Smith led the Biden administration’s effort to prosecute Trump for his handling of classified documents and efforts to overturn the 2020 election results after losing to President Joe Biden.

“The decision to bring charges against President Trump was mine, but the basis for nine of those charges rests entirely with President Trump and his actions, as alleged in the 10 indictments returned by grand juries in two different districts,” Smith told House Judiciary Committee members.

He said he was deciding whether to charge alleged co-conspirators for attempting to overturn the 2020 election results, but Trump’s election win in 2024 halted the investigation.

Smith said Rudy Giuliani and Boris Epshteyn were among the Trump associates his prosecutorial team had interviewed but did not charge with alleged crimes.

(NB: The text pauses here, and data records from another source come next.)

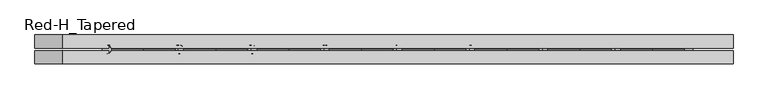
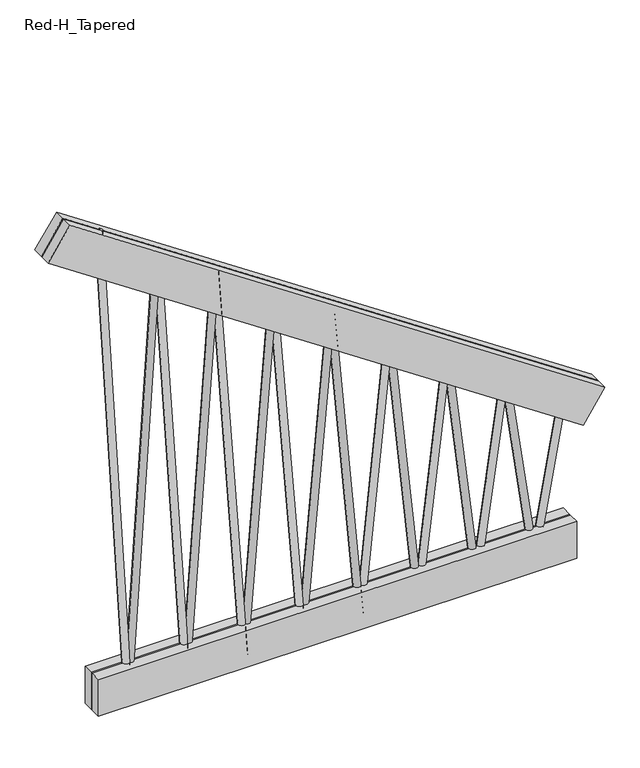
"""IFC4 building model written with IfcOpenShell, lengths in millimetres: beam geometry, Construction_Frames_RedBuilt_Openweb_Red-H_Tapered : Red-H_Tapered."""

import ifcopenshell
import ifcopenshell.guid

model = None  # the IFC model being written
_history = None  # IfcOwnerHistory: only IFC2X3 demands one
_inside = {}  # id of a spatial element -> (the spatial element, [elements in it])
_under = {}  # id of a project, library or spatial element -> (it, [spatial elements below it])
_declared = {}  # id of a project -> (the project, [libraries it declares])
_typed = {}  # id of a type object -> (the type object, [elements of that type])
_made_of = {}  # id of a material, layer set ... -> (it, [elements and type objects made of it])


def new_model(schema):
    """Start an empty IFC model of exactly this schema.

    Asked for "IFC4X3", IfcOpenShell would pick the latest addendum, in which some entities
    have other attributes; the version numbers below select the first issue.
    IFC2X3 requires an IfcOwnerHistory on every rooted entity: one is made here for all.
    """
    global model, _history
    if schema == "IFC4X3":
        model = ifcopenshell.file(schema_version=(4, 3, 0, 0))
    else:
        model = ifcopenshell.file(schema=schema)
    _inside.clear()
    _under.clear()
    _declared.clear()
    _typed.clear()
    _made_of.clear()
    _history = None
    if model.schema == "IFC2X3":
        org = make("IfcOrganization", Name="unknown")
        user = make(
            "IfcPersonAndOrganization",
            ThePerson=make("IfcPerson", FamilyName="unknown"),
            TheOrganization=org,
        )
        app = make(
            "IfcApplication",
            ApplicationDeveloper=org,
            Version="unknown",
            ApplicationFullName="unknown",
            ApplicationIdentifier="unknown",
        )
        _history = make(
            "IfcOwnerHistory",
            OwningUser=user,
            OwningApplication=app,
            ChangeAction="ADDED",
            CreationDate=0,
        )
    return model


def make(cls, **values):
    """One entity of the class cls with the attributes given. An attribute that is None is left unset."""
    return model.create_entity(
        cls, **{name: value for name, value in values.items() if value is not None}
    )


def rooted(cls, **values):
    """An entity with a GlobalId (a new one), such as an element, a storey or a relation."""
    return make(cls, GlobalId=ifcopenshell.guid.new(), OwnerHistory=_history, **values)


def si_unit(unit_type, name, prefix=None):
    """IfcSIUnit, for example si_unit("LENGTHUNIT", "METRE", prefix="MILLI")."""
    return make("IfcSIUnit", UnitType=unit_type, Prefix=prefix, Name=name)


def assignment(units):
    """IfcUnitAssignment: the units of a project."""
    return None if units is None else make("IfcUnitAssignment", Units=units)


def point(xyz):
    """IfcCartesianPoint."""
    return None if xyz is None else make("IfcCartesianPoint", Coordinates=xyz)


def direction(xyz):
    """IfcDirection."""
    return None if xyz is None else make("IfcDirection", DirectionRatios=xyz)


def frame(location, z_axis=None, x_axis=None):
    """IfcAxis2Placement3D, a coordinate frame: its origin and axes. An axis left out is left unset."""
    return make(
        "IfcAxis2Placement3D",
        Location=point(location),
        Axis=direction(z_axis),
        RefDirection=direction(x_axis),
    )


def frame_2d(location, x_axis=None):
    """IfcAxis2Placement2D, a coordinate frame in the plane: its origin and x axis."""
    return make(
        "IfcAxis2Placement2D", Location=point(location), RefDirection=direction(x_axis)
    )


def origin():
    """The frame at (0, 0, 0) with its axes left unset."""
    return frame((0.0, 0.0, 0.0))


def origin_2d():
    """The frame at (0, 0) in the plane with its x axis left unset."""
    return frame_2d((0.0, 0.0))


def place(relative_to, where):
    """IfcLocalPlacement: puts the frame where relative to a parent placement (None: the world)."""
    return make(
        "IfcLocalPlacement", PlacementRelTo=relative_to, RelativePlacement=where
    )


def context(
    kind, dimensions, precision=None, world=None, true_north=None, identifier=None
):
    """IfcGeometricRepresentationContext, for example the 3D "Model" context."""
    return make(
        "IfcGeometricRepresentationContext",
        ContextIdentifier=identifier,
        ContextType=kind,
        CoordinateSpaceDimension=dimensions,
        Precision=precision,
        WorldCoordinateSystem=world,
        TrueNorth=true_north,
    )


def project(units=None, contexts=None):
    """IfcProject with its units and contexts."""
    return rooted(
        "IfcProject",
        Name="project",
        RepresentationContexts=contexts,
        UnitsInContext=assignment(units),
    )


def spatial(cls, under=None, at=None, **own):
    """A site, building, storey or space (cls), placed at a placement, below another one or the project."""
    s = rooted(cls, ObjectPlacement=at, **own)
    if under is not None:
        _under.setdefault(under.id(), (under, []))[1].append(s)
    return s


def polyline(points):
    """IfcPolyline through the points."""
    return make("IfcPolyline", Points=[point(p) for p in points])


def circle_curve(where, radius):
    """IfcCircle in the frame where."""
    return make("IfcCircle", Position=where, Radius=radius)


def trimmed(basis, trim1, trim2, sense, master):
    """IfcTrimmedCurve: the piece of a basis curve between two trims."""
    return make(
        "IfcTrimmedCurve",
        BasisCurve=basis,
        Trim1=trim1,
        Trim2=trim2,
        SenseAgreement=sense,
        MasterRepresentation=master,
    )


def segment(curve, same_sense, transition):
    """IfcCompositeCurveSegment."""
    return make(
        "IfcCompositeCurveSegment",
        Transition=transition,
        SameSense=same_sense,
        ParentCurve=curve,
    )


def composite_curve(segments, self_intersect=None):
    """IfcCompositeCurve: segments joined end to end."""
    return make("IfcCompositeCurve", Segments=segments, SelfIntersect=self_intersect)


def outline(outer, holes=None, kind="AREA"):
    """IfcArbitraryClosedProfileDef: a profile drawn as a closed curve; with holes, ...WithVoids."""
    if holes is None:
        return make("IfcArbitraryClosedProfileDef", ProfileType=kind, OuterCurve=outer)
    return make(
        "IfcArbitraryProfileDefWithVoids",
        ProfileType=kind,
        OuterCurve=outer,
        InnerCurves=holes,
    )


def extrude(swept, where, along, depth):
    """IfcExtrudedAreaSolid: the profile swept, set in the frame where, extruded along a direction by depth."""
    return make(
        "IfcExtrudedAreaSolid",
        SweptArea=swept,
        Position=where,
        ExtrudedDirection=direction(along),
        Depth=depth,
    )


def shape(context_of_items, identifier, shape_type, items):
    """IfcShapeRepresentation: the items that make up one representation, for example the "Body"."""
    return make(
        "IfcShapeRepresentation",
        ContextOfItems=context_of_items,
        RepresentationIdentifier=identifier,
        RepresentationType=shape_type,
        Items=items,
    )


def source(mapping_origin, context_of_items, identifier, shape_type, items):
    """IfcRepresentationMap: a shape defined once, which mapped items show again and again."""
    return make(
        "IfcRepresentationMap",
        MappingOrigin=mapping_origin,
        MappedRepresentation=shape(context_of_items, identifier, shape_type, items),
    )


def transform(
    local_origin,
    x_axis=None,
    y_axis=None,
    z_axis=None,
    scale=None,
    scale2=None,
    scale3=None,
    uniform=True,
):
    """IfcCartesianTransformationOperator3D, or its non-uniform kind. x_axis, y_axis, z_axis: its Axis1, 2, 3."""
    if uniform:
        return make(
            "IfcCartesianTransformationOperator3D",
            Axis1=direction(x_axis),
            Axis2=direction(y_axis),
            LocalOrigin=point(local_origin),
            Scale=scale,
            Axis3=direction(z_axis),
        )
    return make(
        "IfcCartesianTransformationOperator3DnonUniform",
        Axis1=direction(x_axis),
        Axis2=direction(y_axis),
        LocalOrigin=point(local_origin),
        Scale=scale,
        Axis3=direction(z_axis),
        Scale2=scale2,
        Scale3=scale3,
    )


def mapped(mapping_source, mapping_target):
    """IfcMappedItem: shows the shape of a source again, moved by a transform."""
    return make(
        "IfcMappedItem", MappingSource=mapping_source, MappingTarget=mapping_target
    )


def made_of(thing, what):
    """Note that an element or type object is made of a material, layer set ...; save() writes the relation."""
    if what is not None:
        _made_of.setdefault(what.id(), (what, []))[1].append(thing)
    return thing


def element(
    cls,
    number,
    at=None,
    inside=None,
    cuts=None,
    type_object=None,
    material=None,
    context=None,
    identifier="Body",
    shape_type=None,
    held_by="IfcProductDefinitionShape",
    body=None,
    shapes=None,
    **own,
):
    """One element of the class cls, such as IfcWall. Its Tag is "e" and its number.

    at: its placement. inside: the storey or other place that contains it. cuts: it is an
    opening in that element (IfcRelVoidsElement). A single representation is given by context,
    identifier, shape_type and body (its items); several are given by shapes. held_by: the class
    of the entity that holds the representations. save() writes the other relations.
    """
    e = rooted(cls, Tag="e%d" % number, ObjectPlacement=at, **own)
    if body is not None:
        shapes = [shape(context, identifier, shape_type, body)]
    if shapes is not None:
        e.Representation = make(held_by, Representations=shapes)
    if inside is not None:
        _inside.setdefault(inside.id(), (inside, []))[1].append(e)
    if cuts is not None:
        rooted(
            "IfcRelVoidsElement", RelatingBuildingElement=cuts, RelatedOpeningElement=e
        )
    if type_object is not None:
        _typed.setdefault(type_object.id(), (type_object, []))[1].append(e)
    return made_of(e, material)


def aggregate(whole, parts):
    """IfcRelAggregates: a whole, such as a stair, and the parts it consists of."""
    return rooted("IfcRelAggregates", RelatingObject=whole, RelatedObjects=parts)


def save(model, path):
    """Write the relations noted so far, then the file.

    IfcRelAggregates (storeys below a building ...), IfcRelContainedInSpatialStructure (elements
    in a storey), IfcRelDefinesByType, IfcRelAssociatesMaterial and IfcRelDeclares: one each for
    every whole, place, type object, material and project.
    """
    for whole, parts in _under.values():
        aggregate(whole, parts)
    for where, things in _inside.values():
        rooted(
            "IfcRelContainedInSpatialStructure",
            RelatedElements=things,
            RelatingStructure=where,
        )
    for kind, things in _typed.values():
        rooted("IfcRelDefinesByType", RelatedObjects=things, RelatingType=kind)
    for what, things in _made_of.values():
        rooted("IfcRelAssociatesMaterial", RelatedObjects=things, RelatingMaterial=what)
    for by, libraries in _declared.values():
        rooted("IfcRelDeclares", RelatingContext=by, RelatedDefinitions=libraries)
    model.write(path)


def red_h_tapered_7e877e6e(model_context):
    return source(origin(), model_context, "Body", "SweptSolid", [
        extrude(outline(composite_curve([segment(trimmed(circle_curve(origin_2d(), 12.7), [point((0.0, 12.7))], [point((0.0, -12.7000001))], False, "CARTESIAN"), True, "CONTINUOUS"), segment(trimmed(circle_curve(origin_2d(), 12.7), [point((0.0, -12.7000001))], [point((0.0, 12.7))], False, "CARTESIAN"), True, "CONTINUOUS")], self_intersect=False)), frame((-103.6835937, 0.0, -367.0101562), z_axis=(-0.07752910677178004, 0.0, 0.9969900890195299), x_axis=(0.0, -1.0, 0.0)), (0.0, 0.0, 1.0), 1337.3505522),
        extrude(outline(composite_curve([segment(trimmed(circle_curve(origin_2d(), 12.7), [point((0.0, -12.7000001))], [point((0.0, 12.7))], False, "CARTESIAN"), True, "CONTINUOUS"), segment(trimmed(circle_curve(origin_2d(), 12.7), [point((0.0, 12.7))], [point((0.0, -12.7000001))], False, "CARTESIAN"), True, "CONTINUOUS")], self_intersect=False)), frame((-311.0507812, 0.0, -367.0101562), z_axis=(0.0775291067717789, 0.0, 0.9969900890195299), x_axis=(0.0, -1.0, 0.0)), (0.0, 0.0, 1.0), 1337.3505522),
        extrude(outline(composite_curve([segment(trimmed(circle_curve(origin_2d(), 12.7), [point((0.0, 12.7))], [point((0.0, -12.7000001))], False, "CARTESIAN"), True, "CONTINUOUS"), segment(trimmed(circle_curve(origin_2d(), 12.7), [point((0.0, -12.7000001))], [point((0.0, 12.7))], False, "CARTESIAN"), True, "CONTINUOUS")], self_intersect=False)), frame((-311.0507812, 0.0, -367.0101562), z_axis=(-0.06973747957372682, 0.0, 0.997565378279892), x_axis=(0.0, -1.0, 0.0)), (0.0, 0.0, 1.0), 1486.7700178),
        extrude(outline(composite_curve([segment(trimmed(circle_curve(origin_2d(), 12.7), [point((0.0, -12.7000001))], [point((0.0, 12.7))], False, "CARTESIAN"), True, "CONTINUOUS"), segment(trimmed(circle_curve(origin_2d(), 12.7), [point((0.0, 12.7))], [point((0.0, -12.7000001))], False, "CARTESIAN"), True, "CONTINUOUS")], self_intersect=False)), frame((-518.4179687, 0.0, -367.0101562), z_axis=(0.06973747957373565, 0.0, 0.9975653782798914), x_axis=(0.0, -1.0, 0.0)), (0.0, 0.0, 1.0), 1486.7700178),
        extrude(outline(composite_curve([segment(trimmed(circle_curve(origin_2d(), 12.7), [point((0.0, 12.6999999))], [point((0.0, -12.7))], False, "CARTESIAN"), True, "CONTINUOUS"), segment(trimmed(circle_curve(origin_2d(), 12.7), [point((0.0, -12.7))], [point((0.0, 12.6999999))], False, "CARTESIAN"), True, "CONTINUOUS")], self_intersect=False)), frame((-518.4179687, 0.0, -367.0101562), z_axis=(-0.06336606765698263, 0.0, 0.9979903513910797), x_axis=(0.0, -1.0, 0.0)), (0.0, 0.0, 1.0), 1636.2636595),
        extrude(outline(composite_curve([segment(trimmed(circle_curve(origin_2d(), 12.7), [point((0.0, -12.7))], [point((0.0, 12.6999999))], False, "CARTESIAN"), True, "CONTINUOUS"), segment(trimmed(circle_curve(origin_2d(), 12.7), [point((0.0, 12.6999999))], [point((0.0, -12.7))], False, "CARTESIAN"), True, "CONTINUOUS")], self_intersect=False)), frame((-725.7851562, 0.0, -367.0101562), z_axis=(0.0633660676569758, 0.0, 0.9979903513910802), x_axis=(0.0, -1.0, 0.0)), (0.0, 0.0, 1.0), 1636.2636595),
        extrude(outline(composite_curve([segment(trimmed(circle_curve(origin_2d(), 12.7), [point((0.0, 12.7))], [point((0.0, -12.7000001))], False, "CARTESIAN"), True, "CONTINUOUS"), segment(trimmed(circle_curve(origin_2d(), 12.7), [point((0.0, -12.7000001))], [point((0.0, 12.7))], False, "CARTESIAN"), True, "CONTINUOUS")], self_intersect=False)), frame((-725.7851562, 0.0, -367.0101562), z_axis=(-0.058059607877347576, 0.0, 0.9983131181814295), x_axis=(0.0, -1.0, 0.0)), (0.0, 0.0, 1.0), 1785.8128489),
        extrude(outline(composite_curve([segment(trimmed(circle_curve(origin_2d(), 12.7), [point((0.0, 12.7000001))], [point((0.0, -12.7))], False, "CARTESIAN"), True, "CONTINUOUS"), segment(trimmed(circle_curve(origin_2d(), 12.7), [point((0.0, -12.7))], [point((0.0, 12.7000001))], False, "CARTESIAN"), True, "CONTINUOUS")], self_intersect=False)), frame((725.7851562, 0.0, -367.0101562), z_axis=(0.1747487509576852, 0.0, 0.9846130580277356), x_axis=(0.0, -1.0, 0.0)), (0.0, 0.0, 1.0), 593.329527),
        extrude(outline(composite_curve([segment(trimmed(circle_curve(origin_2d(), 12.7), [point((0.0, -12.7))], [point((0.0, 12.7000001))], False, "CARTESIAN"), True, "CONTINUOUS"), segment(trimmed(circle_curve(origin_2d(), 12.7), [point((0.0, 12.7000001))], [point((0.0, -12.7))], False, "CARTESIAN"), True, "CONTINUOUS")], self_intersect=False)), frame((725.7851562, 0.0, -367.0101562), z_axis=(-0.1398650412411641, 0.0, 0.9901705763345059), x_axis=(0.0, -1.0, 0.0)), (0.0, 0.0, 1.0), 741.3117161),
        extrude(outline(composite_curve([segment(trimmed(circle_curve(origin_2d(), 12.7), [point((0.0, 12.7000001))], [point((0.0, -12.7))], False, "CARTESIAN"), True, "CONTINUOUS"), segment(trimmed(circle_curve(origin_2d(), 12.7), [point((0.0, -12.7))], [point((0.0, 12.7000001))], False, "CARTESIAN"), True, "CONTINUOUS")], self_intersect=False)), frame((518.4179687, 0.0, -367.0101562), z_axis=(0.1398650412411653, 0.0, 0.9901705763345057), x_axis=(0.0, -1.0, 0.0)), (0.0, 0.0, 1.0), 741.3117161),
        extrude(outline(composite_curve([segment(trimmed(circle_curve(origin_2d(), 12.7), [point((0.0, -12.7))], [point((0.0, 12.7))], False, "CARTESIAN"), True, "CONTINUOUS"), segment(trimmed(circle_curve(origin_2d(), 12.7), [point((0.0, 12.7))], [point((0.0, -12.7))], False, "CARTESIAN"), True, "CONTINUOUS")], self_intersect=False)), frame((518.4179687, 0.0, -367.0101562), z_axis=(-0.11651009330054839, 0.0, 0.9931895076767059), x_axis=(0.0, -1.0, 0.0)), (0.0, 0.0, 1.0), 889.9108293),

When asked why he didn’t charge those two and others with lesser crimes to force them to testify against Trump, Smith said the case had plenty of evidence and no other witnesses were needed.

Smith did not offer any information to the committee that was not already publicly available regarding Trump’s handling of classified documents because U.S. District Court of Southern Florida Judge Aileen Cannon ordered him to keep the relevant contents of a 137-page case report private, he told the committee.

He said Giuliani did not believe the claims that he had made regarding voter fraud during the 2020 election and “disavowed a number of the claims,” which he excused as “mistakes or hyperbole,” Smith said.

The former special counsel also acknowledged that testimony by former White House aide Cassidy Hutchinson was based on hearsay and inadmissible in court.

Hutchinson claimed she was told Trump had become very angry when told that his driver was taking him to the White House instead of the Capitol and tried to grab the steering wheel of an SUV in which he was being transported during the Jan. 6, 2021, demonstration at the Capitol that devolved into a riot.

She made the claim privately and before an ad-hoc House select committee, the members of which then-House Speaker Nancy Pelosi, D-Calif., had chosen and mostly were Democrats.

Her account was not corroborated by others with firsthand information, Smith said.

He told the committee that Trump was the most responsible party for the Jan 6 demonstration that became a riot by stirring distrust and making false statements and refused to stop the riot.

Smith said he would pursue charges against the president again if given the chance to do so.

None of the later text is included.